Key Laboratory of Agricultural Animal Genetics, Breeding and Reproduction of Ministry of Education & Key Laboratory of Swine Genetics and Breeding of Ministry of Agriculture, Huazhong Agricultural University, Wuhan, China.
College of Informatics, Huazhong Agricultural University, Wuhan, China.
FASEB J. 2023 Jun;37(6):e22961. doi: 10.1096/fj.202300245R.
Genomic prediction, which is based on solving linear mixed-model (LMM) equations, is the most popular method for predicting breeding values or phenotypic performance for economic traits in livestock. With the need to further improve the performance of genomic prediction, nonlinear methods have been considered as an alternative and promising approach. The excellent ability to predict phenotypes in animal husbandry has been demonstrated by machine learning (ML) approaches, which have been rapidly developed. To investigate the feasibility and reliability of implementing genomic prediction using nonlinear models, the performances of genomic predictions for pig productive traits using the linear genomic selection model and nonlinear machine learning models were compared. Then, to reduce the high-dimensional features of genome sequence data, different machine learning algorithms, including the random forest (RF), support vector machine (SVM), extreme gradient boosting (XGBoost) and convolutional neural network (CNN) algorithms, were used to perform genomic feature selection as well as genomic prediction on reduced feature genome data. All of the analyses were processed on two real pig datasets: the published PIC pig dataset and a dataset comprising data from a national pig nucleus herd in Chifeng, North China. Overall, the accuracies of predicted phenotypic performance for traits T1, T2, T3 and T5 in the PIC dataset and average daily gain (ADG) in the Chifeng dataset were higher using the ML methods than the LMM method, while those for trait T4 in the PIC dataset and total number of piglets born (TNB) in the Chifeng dataset were slightly lower using the ML methods than the LMM method. Among all the different ML algorithms, SVM was the most appropriate for genomic prediction. For the genomic feature selection experiment, the most stable and most accurate results across different algorithms were achieved using XGBoost in combination with the SVM algorithm. Through feature selection, the number of genomic markers can be reduced to 1 in 20, while the predictive performance on some traits can even be improved compared to using the full genome data. Finally, we developed a new tool that can be used to execute combined XGBoost and SVM algorithms to realize genomic feature selection and phenotypic prediction.

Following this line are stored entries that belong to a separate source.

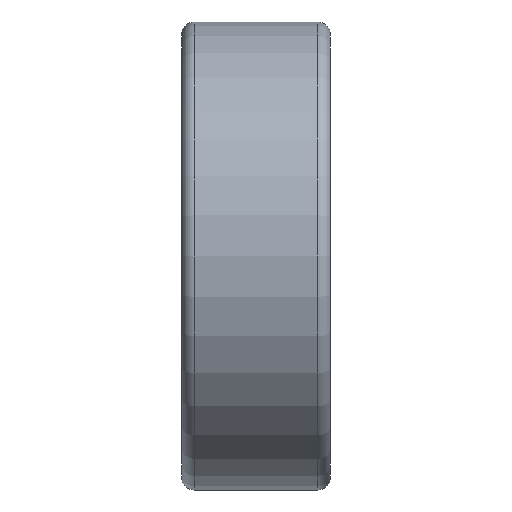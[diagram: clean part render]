
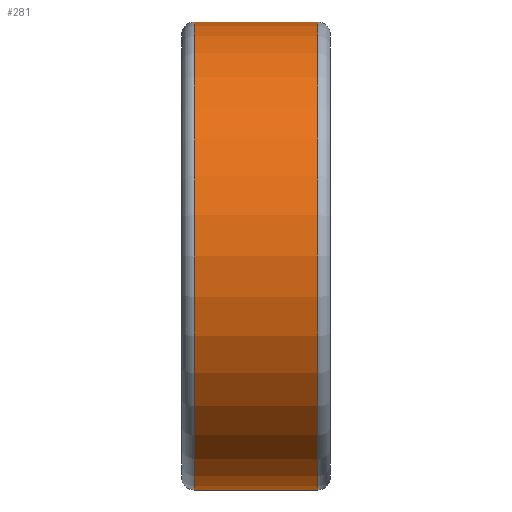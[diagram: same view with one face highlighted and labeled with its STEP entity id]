
A CAD part, front view. The second image highlights one B-rep face of the part: STEP entity #281.
In plain terms, the highlighted cylindrical face has radius 11 mm (diameter 22 mm), a partial arc.
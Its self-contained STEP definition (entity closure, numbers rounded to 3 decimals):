
#5 = EDGE_CURVE ( 'NONE', #98, #168, #203, .T. ) ;
#47 = ORIENTED_EDGE ( 'NONE', *, *, #278, .T. ) ;
#57 = EDGE_LOOP ( 'NONE', ( #224, #47, #63, #257 ) ) ;
#63 = ORIENTED_EDGE ( 'NONE', *, *, #5, .T. ) ;
#64 = EDGE_CURVE ( 'NONE', #168, #159, #445, .T. ) ;
#98 = VERTEX_POINT ( 'NONE', #531 ) ;
#102 = EDGE_CURVE ( 'NONE', #172, #159, #478, .T. ) ;
#159 = VERTEX_POINT ( 'NONE', #591 ) ;
#168 = VERTEX_POINT ( 'NONE', #577 ) ;
#172 = VERTEX_POINT ( 'NONE', #565 ) ;
#200 = DIRECTION ( 'NONE',  ( 1., 0., 0. ) ) ;
#201 = VECTOR ( 'NONE', #200, 1000. ) ;
#202 = CARTESIAN_POINT ( 'NONE',  ( 3.5, 0., -11. ) ) ;
#203 = LINE ( 'NONE', #202, #201 ) ;
#224 = ORIENTED_EDGE ( 'NONE', *, *, #102, .F. ) ;
#257 = ORIENTED_EDGE ( 'NONE', *, *, #64, .T. ) ;
#278 = EDGE_CURVE ( 'NONE', #172, #98, #727, .T. ) ;
#281 = ADVANCED_FACE ( 'NONE', ( #710 ), #739, .T. ) ;
#441 = DIRECTION ( 'NONE',  ( 0., 0., -1. ) ) ;
#442 = DIRECTION ( 'NONE',  ( -1., 0., 0. ) ) ;
#443 = CARTESIAN_POINT ( 'NONE',  ( 2.9, 0., 0. ) ) ;
#444 = AXIS2_PLACEMENT_3D ( 'NONE', #443, #442, #441 ) ;
#445 = CIRCLE ( 'NONE', #444, 11. ) ;
#475 = DIRECTION ( 'NONE',  ( 1., 0., 0. ) ) ;
#476 = VECTOR ( 'NONE', #475, 1000. ) ;
#477 = CARTESIAN_POINT ( 'NONE',  ( 3.5, 0., 11. ) ) ;
#478 = LINE ( 'NONE', #477, #476 ) ;
#531 = CARTESIAN_POINT ( 'NONE',  ( -2.9, 0., -11. ) ) ;
#565 = CARTESIAN_POINT ( 'NONE',  ( -2.9, 0., 11. ) ) ;
#577 = CARTESIAN_POINT ( 'NONE',  ( 2.9, 0., -11. ) ) ;
#591 = CARTESIAN_POINT ( 'NONE',  ( 2.9, 0., 11. ) ) ;
#710 = FACE_OUTER_BOUND ( 'NONE', #57, .T. ) ;
#711 = DIRECTION ( 'NONE',  ( 0., 0., -1. ) ) ;
#712 = DIRECTION ( 'NONE',  ( 0., 0., 1. ) ) ;
#713 = DIRECTION ( 'NONE',  ( 1., 0., 0. ) ) ;
#715 = DIRECTION ( 'NONE',  ( 1., 0., 0. ) ) ;
#717 = AXIS2_PLACEMENT_3D ( 'NONE', #728, #715, #711 ) ;
#718 = AXIS2_PLACEMENT_3D ( 'NONE', #721, #713, #712 ) ;
#721 = CARTESIAN_POINT ( 'NONE',  ( -2.9, 0., 0. ) ) ;
#727 = CIRCLE ( 'NONE', #718, 11. ) ;
#728 = CARTESIAN_POINT ( 'NONE',  ( 3.5, 0., 0. ) ) ;
#739 = CYLINDRICAL_SURFACE ( 'NONE', #717, 11. ) ;
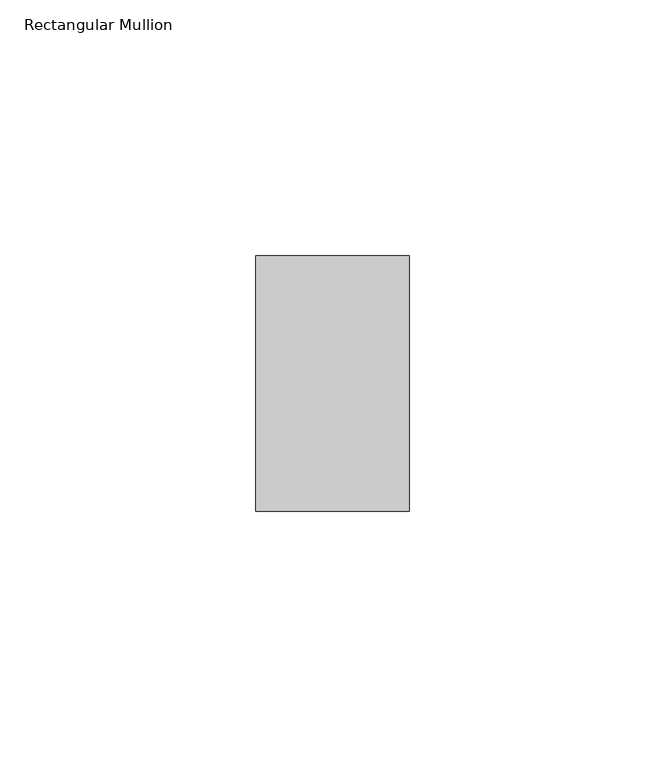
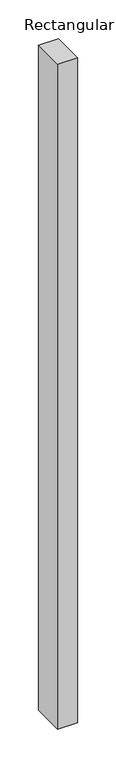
"""IFC4 building model written with IfcOpenShell, lengths in millimetres: member geometry, Rectangular Mullion : ARQ_TV_MULL_50x30mm."""

from ifc_helpers import new_model, si_unit, frame, origin, place, context, project, spatial, polyline, outline, extrude, source, transform, mapped, element, save


def rectangular_mullion_22e3ac1e(model_context):
    return source(origin(), model_context, "Body", "SweptSolid", [
        extrude(outline(polyline([(0.0, 25.0), (0.0, -25.0), (-30.0, -25.0), (-30.0, 25.0), (0.0, 25.0)])), frame((0.0, 0.0, -1052.6872549), z_axis=(0.0, 0.0, 1.0), x_axis=(1.0, 0.0, 0.0)), (0.0, 0.0, 1.0), 1052.6872549),
    ])


if __name__ == "__main__":
    model = new_model("IFC4")
    model_context = context("Model", 3, world=origin())
    ifc_project = project(units=[si_unit("LENGTHUNIT", "METRE", prefix="MILLI")], contexts=[model_context])
    site = spatial("IfcSite", under=ifc_project)
    building = spatial("IfcBuilding", under=site)
    placement = place(None, origin())
    rectangular_mullion_shape = rectangular_mullion_22e3ac1e(model_context)
    element("IfcMember", 1, ObjectType="Rectangular Mullion : ARQ_TV_MULL_50x30mm", at=placement, inside=building, context=model_context, shape_type="MappedRepresentation", body=[
        mapped(rectangular_mullion_shape, transform((0.0, 0.0, 0.0), x_axis=(1.0, 0.0, 0.0), y_axis=(0.0, 1.0, 0.0), z_axis=(0.0, 0.0, 1.0))),
    ])
    save(model, "model.ifc")

基于求解线性混合模型(LMM)方程的基因组预测是预测家畜经济性状育种值或表型表现的最常用方法。随着对基因组预测性能进一步提高的需求,非线性方法已被视为一种替代方法和有前途的方法。机器学习(ML)方法在畜牧业中表现出了出色的预测表型能力,并且发展迅速。为了研究使用非线性模型进行基因组预测的可行性和可靠性,比较了使用线性基因组选择模型和非线性机器学习模型对猪生产性状进行基因组预测的性能。然后,为了降低基因组序列数据的高维特征,使用不同的机器学习算法,包括随机森林(RF)、支持向量机(SVM)、极端梯度提升(XGBoost)和卷积神经网络(CNN)算法,对减少特征的基因组数据进行基因组特征选择和基因组预测。所有分析均在中国北方赤峰国家猪核心群的数据集和已发表的 PIC 猪数据集上进行。总体而言,在 PIC 数据集的 T1、T2、T3 和 T5 性状和赤峰数据集的平均日增重(ADG)上,ML 方法的预测表型性能准确性高于 LMM 方法,而在 PIC 数据集的 T4 性状和赤峰数据集的总产仔数(TNB)上,ML 方法的预测表型性能准确性略低于 LMM 方法。在所有不同的 ML 算法中,SVM 最适合基因组预测。对于基因组特征选择实验,XGBoost 与 SVM 算法相结合在不同算法中获得了最稳定和最准确的结果。通过特征选择,可以将基因组标记的数量减少到 1/20,而在某些性状上的预测性能甚至可以比使用全基因组数据时得到提高。最后,我们开发了一个新的工具,可以用于执行组合的 XGBoost 和 SVM 算法,以实现基因组特征选择和表型预测。